# [DATA PROVIDED]
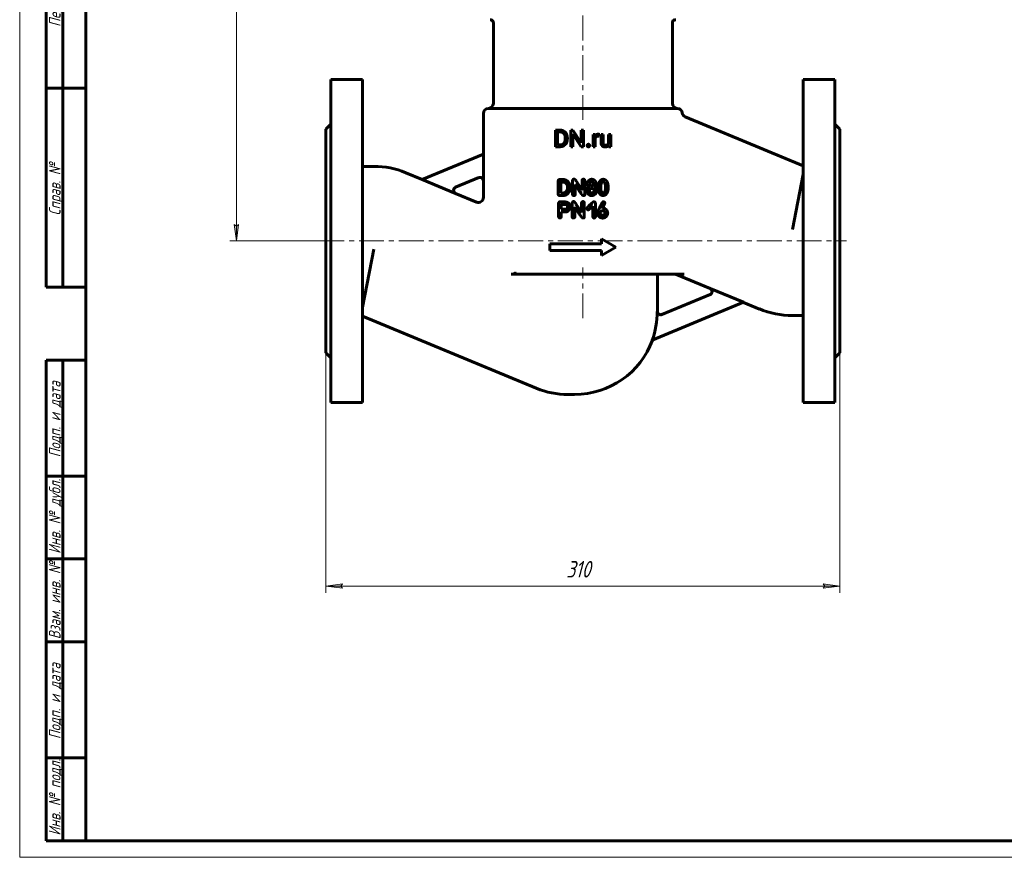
# Model space of a CAD drawing. Header units: millimetres. Extents: x 0 to 594, y 0 to 420.
# Tile 1 of 6: x 0 to 297, y 0 to 253. Entities that reach past the tile are written whole.
import ezdxf

# ---------------------------------------------------------------- set-up
doc = ezdxf.new("R2010")
doc.units = ezdxf.units.MM
for name, pattern in [('K5LT-1', [0]), ('K5LT_AXLED', [12, 7.5, -1.5, 1.5, -1.5]), ('K5LT_BASIC', [0]), ('K5LT_THIN', [0])]:
    doc.linetypes.add(name, pattern=pattern)
doc.layers.add('Системный слой', color=7, linetype='Continuous')
doc.layers.add('Системный слой (1)', color=7, linetype='Continuous', true_color=0x6c6c6c)
doc.styles.add('KDIMTEXTSTYLE', font='txt', dxfattribs={"width": 0.96, "oblique": 15, "height": 5})
doc.styles.add('KTEXTSTYLE', font='txt', dxfattribs={"width": 0.96, "height": 5})
doc.dimstyles.new('KDIMSTYLE (0.50)', dxfattribs={"dimtxt": 5, "dimasz": 1, "dimexe": 2, "dimexo": 0, "dimgap": 1, "dimtad": 1, "dimlfac": 2, "dimtxsty": 'KDIMTEXTSTYLE', "dimsah": 1, "dimcen": 0, "dimdle": 1, "dimadec": 0, "dimazin": 0, "dimtfac": 0.667, "dimtmove": 0, "dimatfit": 3, "dimfxl": 1, "dimtvp": 1, "dimtolj": 1, "dimtzin": 0, "dimarcsym": 0})

# ---------------------------------------------------------------- blocks, each defined once
blk = doc.blocks.new('U1')
at = {"layer": 'Системный слой (1)', "color": 143, "linetype": 'K5LT_BASIC', "lineweight": 60, "true_color": 0x33acca}
for p, q in [((208.24, 171.56), (197.81, 175.89)), ((223.12, 165.4), (218.31, 167.39))]:
    blk.add_line(p, q, dxfattribs=at)
blk = doc.blocks.new('U2')
at = {"layer": 'Системный слой (1)', "color": 143, "linetype": 'K5LT_BASIC', "lineweight": 60, "true_color": 0x33acca}
for p, q in [((116.44, 206.52), (121.43, 204.45)), ((131.5, 200.28), (137.8, 197.67))]:
    blk.add_line(p, q, dxfattribs=at)
blk = doc.blocks.new('U17')
at = {"layer": 'Системный слой (1)', "color": 143, "linetype": 'K5LT_BASIC', "lineweight": 60, "true_color": 0x33acca}
for p, q in [((139.87, 212.09), (139.87, 224.42)), ((139.87, 199.06), (139.87, 204.1))]:
    blk.add_line(p, q, dxfattribs=at)
blk = doc.blocks.new('D0')
at = {"layer": 'Системный слой (1)'}
for points in [[(96.87, 81.8), (97.37, 82.46), (92.37, 81.8), (97.37, 81.14)], [(242.37, 81.14), (247.37, 81.8), (242.37, 82.46), (242.87, 81.8)]]:
    blk.add_hatch(color=7, dxfattribs=at).paths.add_polyline_path(points)
at = {"layer": 'Системный слой (1)', "color": 7, "linetype": 'K5LT_THIN', "lineweight": 18, "true_color": 0xffffff}
for p, q in [((92.37, 152.17), (92.37, 79.8)), ((247.37, 152.17), (247.37, 79.8)), ((92.37, 81.8), (97.37, 82.46)), ((97.37, 81.14), (92.37, 81.8)), ((97.37, 82.46), (96.87, 81.8)), ((96.87, 81.8), (97.37, 81.14)), ((242.87, 81.8), (242.37, 82.46)), ((242.37, 82.46), (247.37, 81.8)), ((247.37, 81.8), (242.37, 81.14)), ((242.37, 81.14), (242.87, 81.8))]:
    blk.add_line(p, q, dxfattribs=at)
blk.add_wipeout([(164.86, 82.8), (164.86, 90.18), (174.48, 90.18), (174.48, 82.8)]).dxf.layer = 'Системный слой (1)'
blk.add_line((92.37, 81.8), (247.37, 81.8), dxfattribs=at)
at = {"layer": 'Системный слой (1)', "color": 7, "insert": (164.86, 89.39), "char_height": 5, "attachment_point": 1, "style": 'KTEXTSTYLE'}
blk.add_mtext('\\fArial|b0|c204|p34;\\H5.0;\\W1.000;\\Q15;\\fGOST Type AU|b0|i0|c204|p34;\\Q15;\\W0.960;310', dxfattribs=at)
blk = doc.blocks.new('KDIMARROW_01')
at = {"layer": 'Системный слой'}
blk.add_hatch(color=0, dxfattribs=at).paths.add_polyline_path([(-5, -0.66), (0, 0), (-5, 0.66), (-4.5, 0)])
at = {"layer": 'Системный слой', "color": 0, "linetype": 'K5LT_THIN', "lineweight": 18}
for p, q in [((-4.5, 0), (-5, 0.66)), ((-5, 0.66), (0, 0)), ((0, 0), (-5, -0.66)), ((-5, -0.66), (-4.5, 0))]:
    blk.add_line(p, q, dxfattribs=at)
at = {"layer": 'Системный слой (1)', "color": 0, "linetype": 'K5LT_THIN', "lineweight": 18}
blk.add_line((169.87, 185.92), (169.37, 185.92), dxfattribs=at)
blk = doc.blocks.new('D1')
at = {"layer": 'Системный слой (1)'}
for points in [[(66, 340.92), (65.35, 345.92), (64.69, 340.92), (65.35, 341.42)], [(65.35, 185.92), (66, 190.92), (65.35, 190.42), (64.69, 190.92)]]:
    blk.add_hatch(color=7, dxfattribs=at).paths.add_polyline_path(points)
at = {"layer": 'Системный слой (1)', "color": 7, "linetype": 'K5LT_THIN', "lineweight": 18, "true_color": 0xffffff}
for p, q in [((125.74, 345.92), (63.35, 345.92)), ((64.69, 340.92), (65.35, 345.92)), ((65.35, 345.92), (66, 340.92)), ((65.35, 341.42), (64.69, 340.92)), ((66, 340.92), (65.35, 341.42)), ((65.35, 185.92), (64.69, 190.92)), ((64.69, 190.92), (65.35, 190.42)), ((65.35, 190.42), (66, 190.92)), ((66, 190.92), (65.35, 185.92)), ((92.37, 185.92), (63.35, 185.92))]:
    blk.add_line(p, q, dxfattribs=at)
blk.add_wipeout([(64.35, 260.38), (56.96, 260.38), (56.96, 271.02), (64.35, 271.02)]).dxf.layer = 'Системный слой (1)'
blk.add_line((65.35, 345.92), (65.35, 185.92), dxfattribs=at)
at = {"layer": 'Системный слой (1)', "color": 7, "insert": (57.76, 260.38), "char_height": 5, "attachment_point": 1, "rotation": 90, "style": 'KTEXTSTYLE'}
blk.add_mtext('\\fArial|b0|c204|p34;\\H5.0;\\W1.000;\\Q15;\\fGOST Type AU|b0|i0|c204|p34;\\Q15;\\W0.960;320', dxfattribs=at)
blk = doc.blocks.new('U44')
at = {"color": 7, "linetype": 'K5LT_THIN', "lineweight": 18, "true_color": 0xffffff}
for p, q in [((0, 0), (0, 420)), ((594, 0), (0, 0))]:
    blk.add_line(p, q, dxfattribs=at)
at = {"color": 143, "linetype": 'K5LT_BASIC', "lineweight": 60, "true_color": 0x33acca}
for p, q in [((20, 5), (20, 415)), ((8, 172), (8, 292)), ((13, 172), (13, 292)), ((20, 232), (8, 232)), ((20, 172), (8, 172)), ((8, 5), (8, 150)), ((20, 150), (8, 150)), ((13, 5), (13, 150)), ((20, 115), (8, 115)), ((20, 90), (8, 90)), ((20, 65), (8, 65)), ((20, 30), (8, 30)), ((20, 5), (8, 5)), ((589, 5), (20, 5))]:
    blk.add_line(p, q, dxfattribs=at)
at = {"color": 7, "char_height": 3.5, "attachment_point": 1, "rotation": 90, "style": 'KTEXTSTYLE'}
for s, insert in [('\\fArial|b0|c204|p34;\\H5.0;\\W1.000;\\Q15;\\fGOST Type AU|b0|i0|c204|p34;\\Q15;\\W0.960;\\H3.50;Перв. примен.', (8.82, 250.52)), ('\\fArial|b0|c204|p34;\\H5.0;\\W1.000;\\Q15;\\fGOST Type AU|b0|i0|c204|p34;\\Q15;\\W0.960;\\H3.50;Справ. №', (8.82, 193.63)), ('\\fArial|b0|c204|p34;\\H5.0;\\W1.000;\\Q15;\\fGOST Type AU|b0|i0|c204|p34;\\Q15;\\W0.960;\\H3.50;Подп. и дата', (8.82, 120.66)), ('\\fArial|b0|c204|p34;\\H5.0;\\W1.000;\\Q15;\\fGOST Type AU|b0|i0|c204|p34;\\Q15;\\W0.960;\\H3.50;Инв. № дубл.', (8.82, 91.57)), ('\\fArial|b0|c204|p34;\\H5.0;\\W1.000;\\Q15;\\fGOST Type AU|b0|i0|c204|p34;\\Q15;\\W0.960;\\H3.50;Взам. инв. №', (8.82, 65.8)), ('\\fArial|b0|c204|p34;\\H5.0;\\W1.000;\\Q15;\\fGOST Type AU|b0|i0|c204|p34;\\Q15;\\W0.960;\\H3.50;Подп. и дата', (8.82, 35.66)), ('\\fArial|b0|c204|p34;\\H5.0;\\W1.000;\\Q15;\\fGOST Type AU|b0|i0|c204|p34;\\Q15;\\W0.960;\\H3.50;Инв. № подл.', (8.82, 6.57))]:
    blk.add_mtext(s, dxfattribs=dict(at, insert=insert))

msp = doc.modelspace()

# ---------------------------------------------------------------- linework, layer by layer
at = {"layer": 'Системный слой (1)', "color": 30, "linetype": 'K5LT_AXLED', "lineweight": 18, "true_color": 0xff8000}
for p, q in [((169.8705, 222.4233), (169.8705, 264.9733)), ((90.3705, 185.9233), (249.3705, 185.9233)), ((169.8705, 162.606), (169.8705, 177.9233))]:
    msp.add_line(p, q, dxfattribs=at)
at = {"layer": 'Системный слой (1)', "color": 143, "linetype": 'K5LT_BASIC', "lineweight": 60, "true_color": 0x33acca}
for p, q in [((142.8705, 227.4233), (142.8705, 251.6733)), ((196.8705, 227.4233), (196.8705, 251.6733)), ((93.8705, 234.6733), (103.3705, 234.6733)), ((93.8705, 234.6733), (93.8705, 137.1733)), ((103.3705, 234.6733), (103.3705, 137.1733)), ((245.8705, 234.6733), (236.3705, 234.6733)), ((236.3705, 234.6733), (236.3705, 137.1733)), ((245.8705, 234.6733), (245.8705, 137.1733)), ((141.3705, 225.9233), (198.3705, 225.9233)), ((236.3705, 208.6203), (200.7788, 223.3629)), ((92.3705, 219.6733), (93.8705, 221.1733)), ((247.3705, 219.6733), (245.8705, 221.1733)), ((92.3705, 219.6733), (92.3705, 152.1733)), ((161.5856, 219.3455), (162.9961, 219.3455)), ((161.5856, 214.3608), (161.5856, 219.3455)), ((162.2463, 214.8983), (162.2463, 218.8046)), ((162.2463, 218.8046), (162.9961, 218.8046)), ((164.5401, 216.7026), (164.5401, 217.0072)), ((165.194, 216.7026), (165.194, 217.0004)), ((166.2158, 214.3608), (166.2158, 219.3455)), ((166.2158, 219.3455), (166.8765, 219.3455)), ((166.8765, 219.3455), (169.3963, 215.4906)), ((166.8765, 218.2055), (169.386, 214.3608)), ((166.8765, 214.3608), (166.8765, 218.2055)), ((169.3963, 219.3455), (170.0502, 219.3455)), ((169.3963, 215.4906), (169.3963, 219.3455)), ((170.0502, 214.3608), (170.0502, 219.3455)), ((172.9991, 214.3608), (172.9991, 218.0651)), ((172.9991, 218.0651), (173.6153, 218.0651)), ((173.6153, 218.0651), (173.6278, 217.6416)), ((173.6324, 214.3608), (173.6324, 216.9924)), ((174.7862, 217.4968), (174.7896, 218.0857)), ((175.3666, 215.6755), (175.3666, 218.0651)), ((175.3666, 218.0651), (176, 218.0651)), ((176, 215.6686), (176, 218.0651)), ((177.6467, 218.0651), (178.2835, 218.0651)), ((177.6467, 215.3698), (177.6467, 218.0651)), ((178.2835, 214.3608), (178.2835, 218.0651)), ((247.3705, 219.6733), (247.3705, 152.1733)), ((161.5856, 214.3608), (162.9345, 214.3608)), ((162.2463, 214.8983), (162.9345, 214.8983)), ((166.2158, 214.3608), (166.8765, 214.3608)), ((169.386, 214.3608), (170.0502, 214.3608)), ((172.9991, 214.3608), (173.6324, 214.3608)), ((177.6644, 214.7273), (177.6776, 214.3608)), ((177.6776, 214.3608), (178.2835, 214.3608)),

# [WHAT TO PRODUCE]
Each line above with the string "units" should be reported in full.

# [ANSWER BOX]
# Model space of a CAD drawing. Header units: millimetres. Extents: x 0 to 594, y 0 to 420.
doc.units = ezdxf.units.MM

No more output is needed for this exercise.